Welcome to V.I forum mate. 

Imho, the best way to start or learn music composition is thru pop music. The chords are simple and you get to learn the instruments used and the music arrangement. You can get one of your favorite tunes and transcribe and this will help you to develop ear training as well. 

Another good video i highly recommend is to watch Mike Verta's masterclass @ http://mikeverta.com/wordpress/podcasts ... erclasses/

Cheers


----------



## The Darris (Jun 18, 2014)

I honestly don't think books can really teach you how to compose, it involves mostly practice, listening, and DOING. If you are wanting to write like John Williams then you need to listen to him and study his music. The next step would be transcribing music. Choose pieces of music, whatever it may be, that has associated sheet music. Listen to the music and transcribe it. After you are done, compare and contrast to see what you did right and more importantly, what you did wrong. This is something that I learned from Mike Verta as David mentioned.

If you are wanting a more structured learning process, then there are many course available. Thinkspace Education has some really awesome courses as well as Mike Verta's master classes. I would also suggest checking out Peter Alexander's course too.


----------



## Jdiggity1 (Jun 18, 2014)




----------



## AlexandreSafi (Jun 18, 2014)

Get the combination of Hindemith's "Elementary Training for Musicians" & Ron Gorow "Hearing and Writing Music" to test your assessment and develop down to the D your craft in reading-hearing-writing paper-notated music.
http://www.amazon.com/Elementary-Training-Musicians-2nd-Edition/dp/0901938165 (http://www.amazon.com/Elementary-Traini ... 0901938165)
http://www.vi-control.net/forum/viewtopic.php?t=38141

You'll be set for months & years with just this...

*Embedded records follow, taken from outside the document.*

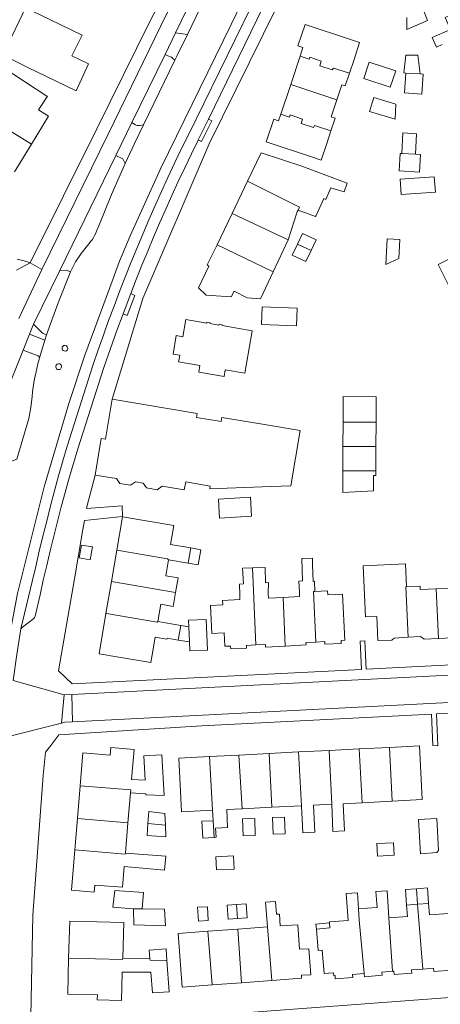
# Model space of a CAD drawing. Header units: metres. Extents: x 89888 to 94270, y 464165 to 468904.
# Tile 214 of 256: x 92012 to 92090, y 466816 to 466998. Entities that reach past the tile are written whole.
import ezdxf

# ---------------------------------------------------------------- set-up
doc = ezdxf.new("R2010")
doc.units = ezdxf.units.M
for name, color, linetype, lineweight in [('B_BEBOUWINGSGRENS_0', 251, 'CONTINUOUS', 13), ('B_LUIFEL_1', 251, 'CONTINUOUS', 13), ('B_TUSSENMUUR_0', 251, 'CONTINUOUS', 13), ('V_WEGGRENS_0', 251, 'CONTINUOUS', 13)]:
    doc.layers.add(name, color=color, linetype=linetype, lineweight=lineweight)

msp = doc.modelspace()

# ---------------------------------------------------------------- linework, layer by layer
at = {"layer": 'B_BEBOUWINGSGRENS_0'}
for p, q in [((92064.31, 466991), (92062.58, 466985.76)), ((92062.58, 466985.76), (92060.76, 466980.26)), ((92011.49, 466969.62), (92014.62, 466974.73)), ((92054.59, 466967.85), (92051.73, 466961.9)), ((92051.73, 466961.9), (92048.95, 466956.11)), ((92059.33, 466951.07), (92062.14, 466957.01)), ((92029.52, 466927.54), (92045.3, 466924.9)), ((92072.29, 466923.25), (92072.26, 466918.75)), ((92078.37, 466918.75), (92078.39, 466923.25)), ((92072.26, 466918.75), (92072.24, 466914.25)), ((92078.35, 466914.25), (92078.37, 466918.75)), ((92031.48, 466905.76), (92030.41, 466899.58)), ((92040.97, 466904.13), (92031.48, 466905.76)), ((92025.5, 466897.8), (92025.91, 466900.18)), ((92030.41, 466899.58), (92029.41, 466893.77)), ((92039.97, 466897.81), (92043.64, 466897.18)), ((92029.41, 466893.77), (92028.4, 466887.9)), ((92042.24, 466885.65), (92038.02, 466886.37)), ((92043.74, 466885.4), (92042.24, 466885.65)), ((92041.79, 466882.95), (92043.85, 466882.62)), ((92075.28, 466862.82), (92069.71, 466862.54)), ((92080.85, 466863.1), (92075.28, 466862.82)), ((92053.01, 466861.69), (92047.55, 466861.42)), ((92058.58, 466861.97), (92053.01, 466861.69)), ((92064.06, 466862.25), (92058.58, 466861.97)), ((92069.71, 466862.54), (92064.06, 466862.25)), ((92023.63, 466856.01), (92023.12, 466849.97)), ((92032.46, 466849.17), (92032.93, 466854.68)), ((92053.59, 466851.74), (92059.08, 466852.02)), ((92059.08, 466852.02), (92064.6, 466852.3)), ((92075.79, 466852.86), (92081.35, 466853.15)), ((92023.12, 466849.97), (92022.63, 466844.15)), ((92048.14, 466851.46), (92048.26, 466849.54)), ((92031.99, 466843.55), (92032.46, 466849.17)), ((92058.29, 466829.89), (92052.8, 466829.49)), ((92069.78, 466830.63), (92069.85, 466829.69)), ((92052.8, 466829.49), (92047.27, 466829.09)), ((92069.85, 466829.69), (92067.35, 466829.46)), ((92036.54, 466824), (92031.5, 466824.12)), ((92048.07, 466819.17), (92053.5, 466819.57)), ((92053.5, 466819.57), (92059.08, 466819.97))]:
    msp.add_line(p, q, dxfattribs=at)
for points in [[(92105.7, 466999.45), (92105.22, 467000.6), (92104.92, 467000.48), (92103.67, 467003.43), (92091.19, 466998.17), (92092.14, 466995.9), (92088.77, 466994.47), (92089.55, 466992.67), (92090.61, 466993.12)], [(92017.99, 466997.78), (92013.5, 466999.96), (92009.78, 466992.07), (92010.26, 466990.72), (92013.85, 466988.97), (92022.86, 466984.58), (92025.14, 466989.56), (92022.11, 466991.03), (92023.98, 466994.85), (92017.99, 466997.78)], [(92084.07, 466998.14), (92084.08, 466995.95), (92087.93, 466997.59), (92086.97, 467000)], [(92073.47, 466987.84), (92074.24, 466990.19), (92075.34, 466993.5), (92073.68, 466994.05), (92065.24, 466996.84), (92063.93, 466992.88), (92064.83, 466992.58), (92064.31, 466991)], [(92086.52, 466987.7), (92086.11, 466991.16), (92083.9, 466991.2), (92083.53, 466987.88), (92083.89, 466987.86)], [(92014.62, 466974.73), (92017.77, 466979.87), (92015.93, 466981.08), (92017.56, 466983.56), (92017.46, 466983.62), (92009.19, 466989.04), (92008.97, 466988.71), (92007.53, 466986.51), (92009.46, 466985.24), (92009.35, 466985.04)], [(92077.11, 466989.91), (92076.09, 466986.86), (92081, 466985.23), (92082.02, 466988.28), (92077.11, 466989.91)], [(92071.12, 466982.92), (92072.04, 466985.69), (92072.68, 466985.48), (92073.47, 466987.84)], [(92083.89, 466987.86), (92083.67, 466984.18), (92086.85, 466983.99)], [(92086.85, 466983.99), (92087.07, 466987.66), (92086.52, 466987.7)], [(92070.04, 466977.17), (92070.83, 466979.55), (92070.09, 466979.79), (92071.12, 466982.92)], [(92081.92, 466979.35), (92082.02, 466982.12), (92077.95, 466983.35), (92077.14, 466980.75), (92081.92, 466979.35)], [(92060.76, 466980.26), (92060.35, 466979.03), (92059.44, 466979.33), (92058.05, 466975.14), (92066.65, 466972.29), (92068.25, 466971.76), (92069.27, 466974.84), (92070.04, 466977.17)], [(92085.66, 466972.84), (92085.89, 466976.64), (92083.35, 466976.79), (92083.13, 466972.97)], [(92064.66, 466970.63), (92057.13, 466973.12), (92054.59, 466967.85)], [(92083.13, 466972.97), (92082.85, 466972.99), (92082.65, 466969.76), (92086.44, 466969.53), (92086.63, 466972.78), (92085.66, 466972.84)], [(92063.95, 466962.5), (92067.2, 466961.33), (92067.28, 466961.49), (92068.71, 466964.63), (92069.06, 466964.46), (92070, 466966.66), (92072.46, 466965.89), (92073.06, 466967.52), (92064.66, 466970.63)], [(92089.36, 466965.84), (92089.16, 466968.65), (92082.83, 466968.21), (92083.03, 466965.39), (92089.36, 466965.84)], [(92062.14, 466957.01), (92063.81, 466962.21), (92063.95, 466962.5)], [(92066.37, 466955.02), (92067.3, 466956.99), (92064.76, 466958.19), (92063.83, 466956.21)], [(92048.95, 466956.11), (92047.15, 466952.37), (92047.46, 466952.16), (92045.53, 466948.15), (92046.93, 466946.75), (92051.59, 466946.44), (92052.1, 466947.49), (92054.53, 466946.25), (92056.97, 466946.09), (92059.33, 466951.07)], [(92063.83, 466956.21), (92062.86, 466954.18), (92065.4, 466952.98), (92066.37, 466955.02)], [(92082.78, 466957.07), (92080.43, 466957.19), (92080.18, 466952.42), (92082.6, 466953.58), (92082.78, 466957.07)], [(92093.54, 466954.26), (92089.88, 466952.46), (92093.37, 466945.39)], [(92057.31, 466944.59), (92057.19, 466941.32), (92063.67, 466941.07), (92063.8, 466944.34), (92057.31, 466944.59)], [(92049.9, 466941.14), (92049.92, 466941.29), (92049.33, 466941.39), (92049.31, 466941.24), (92047.65, 466941.53), (92047.67, 466941.67), (92047.09, 466941.77), (92047.07, 466941.62), (92043.19, 466942.28), (92042.65, 466939.07), (92041.41, 466939.28), (92040.84, 466935.87), (92042.06, 466935.67), (92041.99, 466935.24), (92041.85, 466934.41), (92045.8, 466933.74), (92045.59, 466932.51), (92050.27, 466931.72)], [(92050.27, 466931.72), (92050.48, 466932.95), (92054.11, 466932.34), (92054.36, 466933.78), (92055.45, 466940.2), (92049.9, 466941.14)], [(92026.39, 466913.49), (92027.53, 466920.25), (92028.3, 466920.12), (92029.52, 466927.54)], [(92078.39, 466923.25), (92078.42, 466927.98), (92072.31, 466928.01), (92072.29, 466923.25)], [(92045.3, 466924.9), (92045.18, 466924.15), (92049.7, 466923.4), (92049.83, 466924.15), (92058.1, 466922.76), (92064.33, 466921.72), (92062.62, 466911.51), (92057.32, 466911.31), (92047.61, 466910.96), (92047.69, 466911.43), (92043.16, 466912.22), (92042.9, 466910.73), (92038.83, 466911.44), (92037.87, 466910.78), (92035.92, 466911.1), (92035.28, 466911.99), (92033.84, 466912.22), (92032.92, 466911.6), (92030.97, 466911.93), (92030.33, 466912.83), (92026.39, 466913.49)], [(92072.24, 466914.25), (92072.22, 466910.28), (92077.88, 466910.54), (92077.88, 466913.41), (92078.34, 466913.41), (92078.35, 466914.25)], [(92055.35, 466905.89), (92055.13, 466909.41), (92049.22, 466909.05)], [(92049.22, 466909.05), (92049.44, 466905.52), (92055.35, 466905.89)], [(92044.12, 466900.01), (92040.37, 466900.65), (92040.97, 466904.13)], [(92025.91, 466900.18), (92023.87, 466900.53), (92023.46, 466898.15), (92025.5, 466897.8)], [(92043.64, 466897.18), (92045.48, 466896.86), (92045.97, 466899.68), (92044.12, 466900.01)], [(92041.26, 466891.73), (92041.75, 466894.48), (92039.46, 466894.87), (92039.97, 466897.81)], [(92067.07, 466891.97), (92066.96, 466893.84), (92066.72, 466893.81), (92066.59, 466896.87), (92066.6, 466898.12), (92064.63, 466898.02), (92064.77, 466893.91), (92064.09, 466893.86), (92064.2, 466891.82), (92064.24, 466891), (92061.2, 466890.84)], [(92055.51, 466896.32), (92053.69, 466896.26), (92053.86, 466893.39), (92053.14, 466893.33), (92053.16, 466891.28), (92053.2, 466890.45), (92049.97, 466890.28), (92050.01, 466889.5), (92047.73, 466889.38), (92047.99, 466884.19), (92050.28, 466884.31), (92050.41, 466881.81), (92051.45, 466881.86), (92051.49, 466881.34), (92054.41, 466881.49), (92054.38, 466881.98), (92056.14, 466882.07)], [(92061.2, 466890.84), (92058.45, 466890.7), (92058.41, 466891.55), (92058.47, 466893.58), (92057.9, 466893.52), (92057.89, 466896.41), (92055.51, 466896.32)], [(92084.04, 466892.82), (92083.84, 466897.05), (92076.02, 466896.72), (92076.42, 466887.23), (92078.53, 466887.32), (92078.72, 466882.86), (92081.29, 466882.97), (92081.74, 466883.34), (92084.35, 466883.48)], [(92038.02, 466886.37), (92038.57, 466889.58), (92040.85, 466889.19), (92041.26, 466891.73)], [(92067.24, 466882.59), (92068.9, 466882.67), (92068.93, 466882.18), (92071.94, 466882.34), (92071.92, 466882.89), (92072.62, 466882.92), (92072.18, 466891.46), (92069.46, 466891.32), (92069.42, 466892.09), (92067.07, 466891.97)], [(92089.51, 466892.44), (92086.55, 466892.31), (92086.52, 466892.93), (92084.04, 466892.82)], [(92094.84, 466893.27), (92092.27, 466893.15), (92092.29, 466892.55), (92089.51, 466892.44)], [(92028.4, 466887.9), (92027.12, 466880.43), (92030.8, 466879.8), (92036.69, 466878.79), (92036.94, 466880.24), (92037.5, 466883.49), (92039.68, 466883.11), (92039.71, 466883.3), (92041.79, 466882.95)], [(92043.85, 466882.62), (92043.91, 466880.96), (92047.17, 466881.09), (92046.94, 466886.79), (92043.69, 466886.66), (92043.74, 466885.4)], [(92084.35, 466883.48), (92086.59, 466883.6), (92087.3, 466883.12), (92089.93, 466883.26)], [(92089.93, 466883.26), (92092.39, 466883.39), (92093.04, 466883.93), (92095.24, 466884.04)], [(92056.14, 466882.07), (92057.92, 466882.16), (92057.95, 466881.67), (92061.57, 466881.85)], [(92061.57, 466881.85), (92065.44, 466882.05), (92065.41, 466882.5), (92067.24, 466882.59)], [(92032.93, 466854.68), (92035.79, 466854.53), (92035.8, 466854.34), (92039.18, 466854.18), (92038.71, 466861.7), (92035.44, 466861.52), (92035.64, 466857.04), (92033.14, 466857.14), (92033.61, 466862.72), (92029.29, 466863.08), (92029.17, 466861.65), (92024.15, 466862.07), (92023.63, 466856.01)], [(92081.35, 466853.15), (92086.92, 466853.43), (92086.42, 466863.39), (92080.85, 466863.1)], [(92047.55, 466861.42), (92041.88, 466861.13), (92042.38, 466851.17), (92048.14, 466851.46)], [(92048.44, 466846.46), (92048.77, 466846.48), (92048.69, 466848.13), (92050.92, 466848.26), (92050.75, 466851.59), (92053.59, 466851.74)], [(92064.6, 466852.3), (92064.83, 466847.3), (92067.06, 466847.39), (92066.79, 466852.41), (92070.22, 466852.58)], [(92070.22, 466852.58), (92070.36, 466847.53), (92072.57, 466847.67), (92072.29, 466852.68), (92075.79, 466852.86)], [(92039.39, 466848.72), (92039.27, 466850.9), (92036.32, 466851.21), (92036.16, 466849.02)], [(92055.93, 466849.96), (92053.68, 466849.9), (92053.76, 466846.72), (92056.01, 466846.77), (92055.93, 466849.96)], [(92061.46, 466850.21), (92059.23, 466850.12), (92059.36, 466847.02)], [(92059.36, 466847.02), (92061.58, 466847.11), (92061.46, 466850.21)], [(92086.6, 466843.42), (92089.61, 466843.65), (92089.92, 466844.05), (92089.62, 466849.93), (92086.25, 466849.77), (92086.6, 466843.42)], [(92036.16, 466849.02), (92036.01, 466846.83), (92039.5, 466846.55), (92039.39, 466848.72)], [(92048.26, 466849.54), (92046.17, 466849.44), (92046.34, 466846.32), (92048.44, 466846.46)], [(92081.73, 466843.14), (92081.63, 466845.44), (92078.54, 466845.31), (92078.64, 466843), (92081.73, 466843.14)], [(92022.63, 466844.15), (92022, 466836.67), (92026.21, 466836.31), (92026.32, 466837.64), (92031.45, 466837.21), (92031.77, 466841.05)], [(92031.77, 466841.05), (92039.25, 466840.36), (92039.51, 466842.96), (92031.99, 466843.55)], [(92052.1, 466840.59), (92052, 466843.01), (92048.73, 466842.88)], [(92048.73, 466842.88), (92048.83, 466840.46), (92052.1, 466840.59)], [(92088.09, 466834.21), (92087.89, 466837.1), (92085.86, 466836.96)], [(92035.09, 466833.25), (92035.37, 466836.23), (92030.04, 466836.63), (92029.66, 466833.54), (92033.52, 466833.26)], [(92075.12, 466833.25), (92074.92, 466836.2), (92072.86, 466836.04), (92073.21, 466831.08), (92069.77, 466830.83), (92069.78, 466830.63)], [(92080.74, 466831.59), (92080.42, 466836.57), (92078.33, 466836.42), (92078.56, 466833.48), (92078.49, 466833.48), (92075.12, 466833.25)], [(92085.86, 466836.96), (92083.83, 466836.83), (92084.02, 466833.94)], [(92045.52, 466830.97), (92047.32, 466831.09), (92047.16, 466833.62), (92045.37, 466833.51), (92045.52, 466830.97)], [(92052.57, 466834.05), (92050.8, 466833.92), (92050.99, 466831.34), (92052.76, 466831.47)], [(92052.76, 466831.47), (92054.52, 466831.59), (92054.33, 466834.17), (92052.57, 466834.05)], [(92060.63, 466830.06), (92060.51, 466832.23), (92059.96, 466832.22), (92059.76, 466834.58), (92057.92, 466834.46), (92058.29, 466829.89)], [(92084.02, 466833.94), (92084.17, 466831.83), (92080.74, 466831.59)], [(92091.79, 466832.37), (92088.24, 466832.12), (92088.09, 466834.21)], [(92033.52, 466833.26), (92033.56, 466830.28), (92039.43, 466830.1)], [(92039.43, 466830.1), (92039.22, 466833.15), (92035.09, 466833.25)], [(92031.5, 466824.12), (92031.68, 466830.7), (92021.69, 466830.97), (92021.5, 466824.09)], [(92059.08, 466819.97), (92064.6, 466820.38), (92064.56, 466820.93), (92066.31, 466821.05), (92065.96, 466825.84), (92064.21, 466825.74), (92063.88, 466830.3), (92060.63, 466830.06)], [(92047.27, 466829.09), (92041.78, 466828.69), (92042.51, 466818.76), (92048.07, 466819.17)], [(92067.35, 466829.46), (92067.65, 466825.54), (92068.43, 466825.6), (92068.77, 466821.28), (92070.51, 466821.41), (92070.55, 466820.85), (92070.79, 466820.87), (92070.84, 466820.27), (92074.08, 466820.52), (92074.03, 466821.11), (92076.2, 466821.28)], [(92039.69, 466823.69), (92039.54, 466825.82), (92036.42, 466825.59), (92036.54, 466824)], [(92021.5, 466824.09), (92021.33, 466817.47), (92026.83, 466817.33), (92026.8, 466816.41), (92031.29, 466816.29), (92031.43, 466821.52)], [(92031.43, 466821.52), (92036.72, 466821.5), (92037, 466817.66), (92040.11, 466817.89), (92039.69, 466823.69)], [(92087.03, 466822.09), (92089.04, 466822.25), (92089.1, 466821.65), (92092.34, 466821.89), (92092.28, 466822.49), (92092.52, 466822.51)], [(92076.2, 466821.28), (92076.24, 466820.68), (92079.49, 466820.93), (92079.46, 466821.53), (92081.4, 466821.67)], [(92081.4, 466821.67), (92081.7, 466821.69), (92081.73, 466821.11), (92084.98, 466821.34), (92084.94, 466821.93), (92087.03, 466822.09)]]:
    msp.add_lwpolyline(points, dxfattribs=at)
at = {"layer": 'B_LUIFEL_1'}
for p in [(92069.78, 466830.63), (92069.85, 466829.69)]:
    msp.add_line(p, (92069.78, 466830.63), dxfattribs=at)
msp.add_lwpolyline([(92069.78, 466830.63), (92067.26, 466830.4), (92067.35, 466829.46)], dxfattribs=at)
at = {"layer": 'B_TUSSENMUUR_0'}
for p, q in [((92083.89, 466987.86), (92086.52, 466987.7)), ((92062.58, 466985.76), (92071.12, 466982.92)), ((92006.18, 466979.89), (92014.62, 466974.73)), ((92083.13, 466972.97), (92085.66, 466972.84)), ((92051.73, 466961.9), (92062.14, 466957.01)), ((92048.95, 466956.11), (92059.33, 466951.07)), ((92063.83, 466956.21), (92066.37, 466955.02)), ((92072.29, 466923.25), (92078.39, 466923.25)), ((92072.26, 466918.75), (92078.37, 466918.75)), ((92072.24, 466914.25), (92078.35, 466914.25)), ((92044.12, 466900.01), (92043.64, 466897.18)), ((92055.51, 466896.32), (92056.14, 466882.07)), ((92029.41, 466893.77), (92041.26, 466891.73)), ((92083.9, 466892.82), (92084.35, 466883.48)), ((92084.04, 466892.82), (92083.9, 466892.82)), ((92089.93, 466883.26), (92089.51, 466892.44)), ((92061.57, 466881.85), (92061.2, 466890.84)), ((92042.24, 466885.65), (92041.79, 466882.95)), ((92043.74, 466885.4), (92043.85, 466882.62)), ((92075.28, 466862.82), (92075.79, 466852.86)), ((92080.85, 466863.1), (92081.35, 466853.15)), ((92047.55, 466861.42), (92048.14, 466851.46)), ((92053.01, 466861.69), (92053.59, 466851.74)), ((92058.58, 466861.97), (92059.08, 466852.02)), ((92064.6, 466852.3), (92064.06, 466862.25)), ((92069.71, 466862.54), (92070.22, 466852.58)), ((92023.12, 466849.97), (92032.46, 466849.17)), ((92036.16, 466849.02), (92039.39, 466848.72)), ((92048.26, 466849.54), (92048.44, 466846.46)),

It goes for learning any composers, but if you want to learn John Williams especially, who posesses the very underrated skill of "audiation", the fastest way is through first submitting to a forced marriage with pen & paper and "transcribe" as if your life depended on it...

Hunt down the music you love!

--> Your head and your hands are your two best allies as a musician...


----------



## Jdiggity1 (Jun 18, 2014)

And anything by Lalo Schifrin or Henry Mancini.

Mike Verta's HERE'S JOHNNY class is a must. As well as all the others...

A book can not give you feedback on any exercises or pieces you write. That is how you learn.
Try to write, then ask yourself "does this work?", if the answer is no, observe what other composers have done to achieve the same result, and then try again.


----------



## Vin (Jun 18, 2014)

http://www.amazon.com/Complete-Idiots-Guide-Music-Composition/dp/1592574033 (http://www.amazon.com/Complete-Idiots-G ... 1592574033)

This and analyzing music you love (harmony, melody, orchestration etc.) will teach you very much.


----------



## clarkus (Jun 18, 2014)

Some good advice here. I like what The Darris says.

However, I don't believe "the best way to start or learn music composition is thru pop music." 

I believe that's the best way to learn to compose pop music.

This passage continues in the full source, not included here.